Monthly Archives: February 2007

Cooking and remembering

I’ve spent the last three hours cooking. I am making squash soup, minestrone soup, game stock, beef casserole and braised red cabbage. I also have some rhubarb awaiting inspiration and a mango that I had forgotten and which is now perfectly ripe, but if I leave much longer will be past it. I had a similar avocado, but Ro and I shared that and now I’m sitting down with some brie, oatcakes and olives. I know that eating at ones desk is a dreadful example to the little ones, but this has rarely stopped me doing anything.

I had so many vegetables to prepare that I just put a box on the floor near me for the peelings, rather than spilling bits all over the floor while repeatedly opening the compost bin. I cut the cabbage in quarters, cut out the core and chucked it in the box. Tilly keenly rescued it and crunched it up, quarter by quarter. Very healthy, no doubt, but it may be necessary to encourage her to sit in another room this evening, for her digestion may be affected.

I haven’t started on the marmalade and I’m not likely to now. Not today, that is, nor tomorrow, for I am going to the Dark Metropolis. My sister, El, Phil and I are having lunch together. It may not be the highly cultural outing that I said I’d be doing, but we are meeting up at the National Gallery, so it will count. Looking at that list, I’ve not got far yet, but I am buying unexpected music and liking it too (cheers, BD and Julie).
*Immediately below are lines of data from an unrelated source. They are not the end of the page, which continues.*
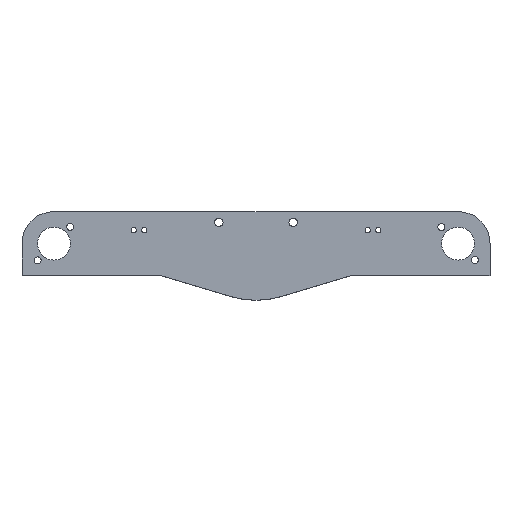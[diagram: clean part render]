
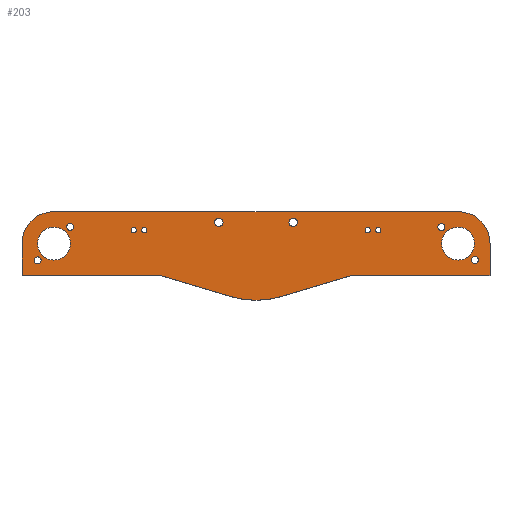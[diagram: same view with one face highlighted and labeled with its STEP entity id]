
A CAD part, top view. The second image highlights one B-rep face of the part: STEP entity #203.
In plain terms, the highlighted planar face has unit normal (0, 0, 1).
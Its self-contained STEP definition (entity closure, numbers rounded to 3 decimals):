
#32 = VERTEX_POINT('',#33);
#33 = CARTESIAN_POINT('',(0.,0.,30.));
#39 = EDGE_CURVE('',#32,#40,#42,.T.);
#40 = VERTEX_POINT('',#41);
#41 = CARTESIAN_POINT('',(0.,30.,30.));
#42 = LINE('',#43,#44);
#43 = CARTESIAN_POINT('',(0.,0.,30.));
#44 = VECTOR('',#45,1.);
#45 = DIRECTION('',(0.,1.,0.));
#128 = VERTEX_POINT('',#129);
#129 = CARTESIAN_POINT('',(30.,60.,30.));
#135 = EDGE_CURVE('',#40,#128,#136,.T.);
#136 = CIRCLE('',#137,30.);
#137 = AXIS2_PLACEMENT_3D('',#138,#139,#140);
#138 = CARTESIAN_POINT('',(30.,30.,30.));
#139 = DIRECTION('',(-0.,-0.,-1.));
#140 = DIRECTION('',(0.,-1.,0.));
#162 = VERTEX_POINT('',#163);
#163 = CARTESIAN_POINT('',(130.,0.,30.));
#169 = EDGE_CURVE('',#162,#32,#170,.T.);
#170 = LINE('',#171,#172);
#171 = CARTESIAN_POINT('',(130.,0.,30.));
#172 = VECTOR('',#173,1.);
#173 = DIRECTION('',(-1.,0.,0.));
#203 = ADVANCED_FACE('',(#204,#265,#276,#287,#298,#309,#320,#331,#342,
    #353,#364,#375,#386),#397,.T.);
#204 = FACE_BOUND('',#205,.T.);
#205 = EDGE_LOOP('',(#206,#207,#208,#216,#225,#233,#241,#249,#258,#264)
  );
#206 = ORIENTED_EDGE('',*,*,#39,.F.);
#207 = ORIENTED_EDGE('',*,*,#169,.F.);
#208 = ORIENTED_EDGE('',*,*,#209,.F.);
#209 = EDGE_CURVE('',#210,#162,#212,.T.);
#210 = VERTEX_POINT('',#211);
#211 = CARTESIAN_POINT('',(197.171,-20.,30.));
#212 = LINE('',#213,#214);
#213 = CARTESIAN_POINT('',(197.171,-20.,30.));
#214 = VECTOR('',#215,1.);
#215 = DIRECTION('',(-0.958,0.285,0.));
#216 = ORIENTED_EDGE('',*,*,#217,.T.);
#217 = EDGE_CURVE('',#210,#218,#220,.T.);
#218 = VERTEX_POINT('',#219);
#219 = CARTESIAN_POINT('',(242.829,-20.,30.));
#220 = CIRCLE('',#221,80.);
#221 = AXIS2_PLACEMENT_3D('',#222,#223,#224);
#222 = CARTESIAN_POINT('',(220.,56.673,30.));
#223 = DIRECTION('',(0.,0.,1.));
#224 = DIRECTION('',(1.,0.,0.));
#225 = ORIENTED_EDGE('',*,*,#226,.F.);
#226 = EDGE_CURVE('',#227,#218,#229,.T.);
#227 = VERTEX_POINT('',#228);
#228 = CARTESIAN_POINT('',(310.,0.,30.));
#229 = LINE('',#230,#231);
#230 = CARTESIAN_POINT('',(310.,0.,30.));
#231 = VECTOR('',#232,1.);
#232 = DIRECTION('',(-0.958,-0.285,0.));
#233 = ORIENTED_EDGE('',*,*,#234,.F.);
#234 = EDGE_CURVE('',#235,#227,#237,.T.);
#235 = VERTEX_POINT('',#236);
#236 = CARTESIAN_POINT('',(440.,0.,30.));
#237 = LINE('',#238,#239);
#238 = CARTESIAN_POINT('',(440.,0.,30.));
#239 = VECTOR('',#240,1.);
#240 = DIRECTION('',(-1.,0.,0.));
#241 = ORIENTED_EDGE('',*,*,#242,.F.);
#242 = EDGE_CURVE('',#243,#235,#245,.T.);
#243 = VERTEX_POINT('',#244);
#244 = CARTESIAN_POINT('',(440.,30.,30.));
#245 = LINE('',#246,#247);
#246 = CARTESIAN_POINT('',(440.,60.,30.));
#247 = VECTOR('',#248,1.);
#248 = DIRECTION('',(0.,-1.,0.));
#249 = ORIENTED_EDGE('',*,*,#250,.F.);
#250 = EDGE_CURVE('',#251,#243,#253,.T.);
#251 = VERTEX_POINT('',#252);
#252 = CARTESIAN_POINT('',(410.,60.,30.));
#253 = CIRCLE('',#254,30.);
#254 = AXIS2_PLACEMENT_3D('',#255,#256,#257);
#255 = CARTESIAN_POINT('',(410.,30.,30.));
#256 = DIRECTION('',(-0.,-0.,-1.));
#257 = DIRECTION('',(0.,-1.,0.));
#258 = ORIENTED_EDGE('',*,*,#259,.F.);
#259 = EDGE_CURVE('',#128,#251,#260,.T.);
#260 = LINE('',#261,#262);
#261 = CARTESIAN_POINT('',(0.,60.,30.));
#262 = VECTOR('',#263,1.);
#263 = DIRECTION('',(1.,0.,0.));
#264 = ORIENTED_EDGE('',*,*,#135,.F.);
#265 = FACE_BOUND('',#266,.T.);
#266 = EDGE_LOOP('',(#267));
#267 = ORIENTED_EDGE('',*,*,#268,.F.);
#268 = EDGE_CURVE('',#269,#269,#271,.T.);
#269 = VERTEX_POINT('',#270);
#270 = CARTESIAN_POINT('',(11.395,14.196,30.));
#271 = CIRCLE('',#272,3.3);
#272 = AXIS2_PLACEMENT_3D('',#273,#274,#275);
#273 = CARTESIAN_POINT('',(14.695,14.196,30.));
#274 = DIRECTION('',(0.,-0.,1.));
#275 = DIRECTION('',(-1.,0.,0.));
#276 = FACE_BOUND('',#277,.T.);
#277 = EDGE_LOOP('',(#278));
#278 = ORIENTED_EDGE('',*,*,#279,.T.);
#279 = EDGE_CURVE('',#280,#280,#282,.T.);
#280 = VERTEX_POINT('',#281);
#281 = CARTESIAN_POINT('',(45.5,30.,30.));
#282 = CIRCLE('',#283,15.5);
#283 = AXIS2_PLACEMENT_3D('',#284,#285,#286);
#284 = CARTESIAN_POINT('',(30.,30.,30.));
#285 = DIRECTION('',(0.,0.,-1.));
#286 = DIRECTION('',(1.,0.,0.));
#287 = FACE_BOUND('',#288,.T.);
#288 = EDGE_LOOP('',(#289));
#289 = ORIENTED_EDGE('',*,*,#290,.F.);
#290 = EDGE_CURVE('',#291,#291,#293,.T.);
#291 = VERTEX_POINT('',#292);
#292 = CARTESIAN_POINT('',(422.389,14.577,30.));
#293 = CIRCLE('',#294,3.3);
#294 = AXIS2_PLACEMENT_3D('',#295,#296,#297);
#295 = CARTESIAN_POINT('',(425.689,14.577,30.));
#296 = DIRECTION('',(0.,-0.,1.));
#297 = DIRECTION('',(-1.,0.,0.));
#298 = FACE_BOUND('',#299,.T.);
#299 = EDGE_LOOP('',(#300));
#300 = ORIENTED_EDGE('',*,*,#301,.T.);
#301 = EDGE_CURVE('',#302,#302,#304,.T.);
#302 = VERTEX_POINT('',#303);
#303 = CARTESIAN_POINT('',(425.5,30.,30.));
#304 = CIRCLE('',#305,15.5);
#305 = AXIS2_PLACEMENT_3D('',#306,#307,#308);
#306 = CARTESIAN_POINT('',(410.,30.,30.));
#307 = DIRECTION('',(0.,0.,-1.));
#308 = DIRECTION('',(1.,0.,0.));
#309 = FACE_BOUND('',#310,.T.);
#310 = EDGE_LOOP('',(#311));
#311 = ORIENTED_EDGE('',*,*,#312,.T.);
#312 = EDGE_CURVE('',#313,#313,#315,.T.);
#313 = VERTEX_POINT('',#314);
#314 = CARTESIAN_POINT('',(107.5,42.5,30.));
#315 = CIRCLE('',#316,2.5);
#316 = AXIS2_PLACEMENT_3D('',#317,#318,#319);
#317 = CARTESIAN_POINT('',(105.,42.5,30.));
#318 = DIRECTION('',(0.,0.,-1.));
#319 = DIRECTION('',(1.,0.,0.));
#320 = FACE_BOUND('',#321,.T.);
#321 = EDGE_LOOP('',(#322));
#322 = ORIENTED_EDGE('',*,*,#323,.T.);
#323 = EDGE_CURVE('',#324,#324,#326,.T.);
#324 = VERTEX_POINT('',#325);
#325 = CARTESIAN_POINT('',(117.5,42.5,30.));
#326 = CIRCLE('',#327,2.5);
#327 = AXIS2_PLACEMENT_3D('',#328,#329,#330);
#328 = CARTESIAN_POINT('',(115.,42.5,30.));
#329 = DIRECTION('',(0.,0.,-1.));
#330 = DIRECTION('',(1.,0.,0.));
#331 = FACE_BOUND('',#332,.T.);
#332 = EDGE_LOOP('',(#333));
#333 = ORIENTED_EDGE('',*,*,#334,.F.);
#334 = EDGE_CURVE('',#335,#335,#337,.T.);
#335 = VERTEX_POINT('',#336);
#336 = CARTESIAN_POINT('',(42.005,45.804,30.));
#337 = CIRCLE('',#338,3.3);
#338 = AXIS2_PLACEMENT_3D('',#339,#340,#341);
#339 = CARTESIAN_POINT('',(45.305,45.804,30.));
#340 = DIRECTION('',(0.,-0.,1.));
#341 = DIRECTION('',(-1.,0.,0.));
#342 = FACE_BOUND('',#343,.T.);
#343 = EDGE_LOOP('',(#344));
#344 = ORIENTED_EDGE('',*,*,#345,.T.);
#345 = EDGE_CURVE('',#346,#346,#348,.T.);
#346 = VERTEX_POINT('',#347);
#347 = CARTESIAN_POINT('',(189.,50.,30.));
#348 = CIRCLE('',#349,4.);
#349 = AXIS2_PLACEMENT_3D('',#350,#351,#352);
#350 = CARTESIAN_POINT('',(185.,50.,30.));
#351 = DIRECTION('',(0.,0.,-1.));
#352 = DIRECTION('',(1.,0.,0.));
#353 = FACE_BOUND('',#354,.T.);
#354 = EDGE_LOOP('',(#355));
#355 = ORIENTED_EDGE('',*,*,#356,.T.);
#356 = EDGE_CURVE('',#357,#357,#359,.T.);
#357 = VERTEX_POINT('',#358);
#358 = CARTESIAN_POINT('',(327.5,42.5,30.));
#359 = CIRCLE('',#360,2.5);
#360 = AXIS2_PLACEMENT_3D('',#361,#362,#363);
#361 = CARTESIAN_POINT('',(325.,42.5,30.));
#362 = DIRECTION('',(0.,0.,-1.));
#363 = DIRECTION('',(1.,0.,0.));
#364 = FACE_BOUND('',#365,.T.);
#365 = EDGE_LOOP('',(#366));
#366 = ORIENTED_EDGE('',*,*,#367,.T.);
#367 = EDGE_CURVE('',#368,#368,#370,.T.);
#368 = VERTEX_POINT('',#369);
#369 = CARTESIAN_POINT('',(337.5,42.5,30.));
#370 = CIRCLE('',#371,2.5);
#371 = AXIS2_PLACEMENT_3D('',#372,#373,#374);
#372 = CARTESIAN_POINT('',(335.,42.5,30.));
#373 = DIRECTION('',(0.,0.,-1.));
#374 = DIRECTION('',(1.,0.,0.));
#375 = FACE_BOUND('',#376,.T.);
#376 = EDGE_LOOP('',(#377));
#377 = ORIENTED_EDGE('',*,*,#378,.T.);
#378 = EDGE_CURVE('',#379,#379,#381,.T.);
#379 = VERTEX_POINT('',#380);
#380 = CARTESIAN_POINT('',(259.,50.,30.));
#381 = CIRCLE('',#382,4.);
#382 = AXIS2_PLACEMENT_3D('',#383,#384,#385);
#383 = CARTESIAN_POINT('',(255.,50.,30.));
#384 = DIRECTION('',(0.,0.,-1.));
#385 = DIRECTION('',(1.,0.,0.));
#386 = FACE_BOUND('',#387,.T.);
#387 = EDGE_LOOP('',(#388));
#388 = ORIENTED_EDGE('',*,*,#389,.F.);
#389 = EDGE_CURVE('',#390,#390,#392,.T.);
#390 = VERTEX_POINT('',#391);
#391 = CARTESIAN_POINT('',(391.011,45.423,30.));
#392 = CIRCLE('',#393,3.3);
#393 = AXIS2_PLACEMENT_3D('',#394,#395,#396);
#394 = CARTESIAN_POINT('',(394.311,45.423,30.));
#395 = DIRECTION('',(0.,-0.,1.));
#396 = DIRECTION('',(-1.,0.,0.));
#397 = PLANE('',#398);
#398 = AXIS2_PLACEMENT_3D('',#399,#400,#401);
#399 = CARTESIAN_POINT('',(220.,27.407,30.));
#400 = DIRECTION('',(0.,0.,1.));
#401 = DIRECTION('',(1.,0.,0.));

Looking up old posts reminded me of this one. Since I wrote it, I have had several occasions when I’ve remembered someone who didn’t know me, or had forgotten my name, anyway. I wonder if this means that I’m getting better or whether I had been so worried about myself that I hadn’t realised how many other people are the same.

I could be improving, you know. I phoned to book my train tickets yesterday (for those of you who don’t live here, pre-booked tickets are cheaper) and, as often happens now, the person at the call centre said his name when he answered the phone. He was very helpful and found me the cheapest ticket – unfortunately it was two hours earlier than I wished to leave so I decided to spring the extra tenner for the later train but, since the difference was negligible, go First Class. El cheapo fare coming home, so I’m in the usual cattle truck.

He was friendly and sensible and at the end I (of course) thanked him. “Goodbye, Jason,” I added. And realised that I’ve done this several times recently, remembering the names of people on helplines.

Is it possible, do you think, that writing about the problem I had with names has, by making me focus, cured it?

Confession time

I’ve just sent this email to the PCC. There was nothing else to do.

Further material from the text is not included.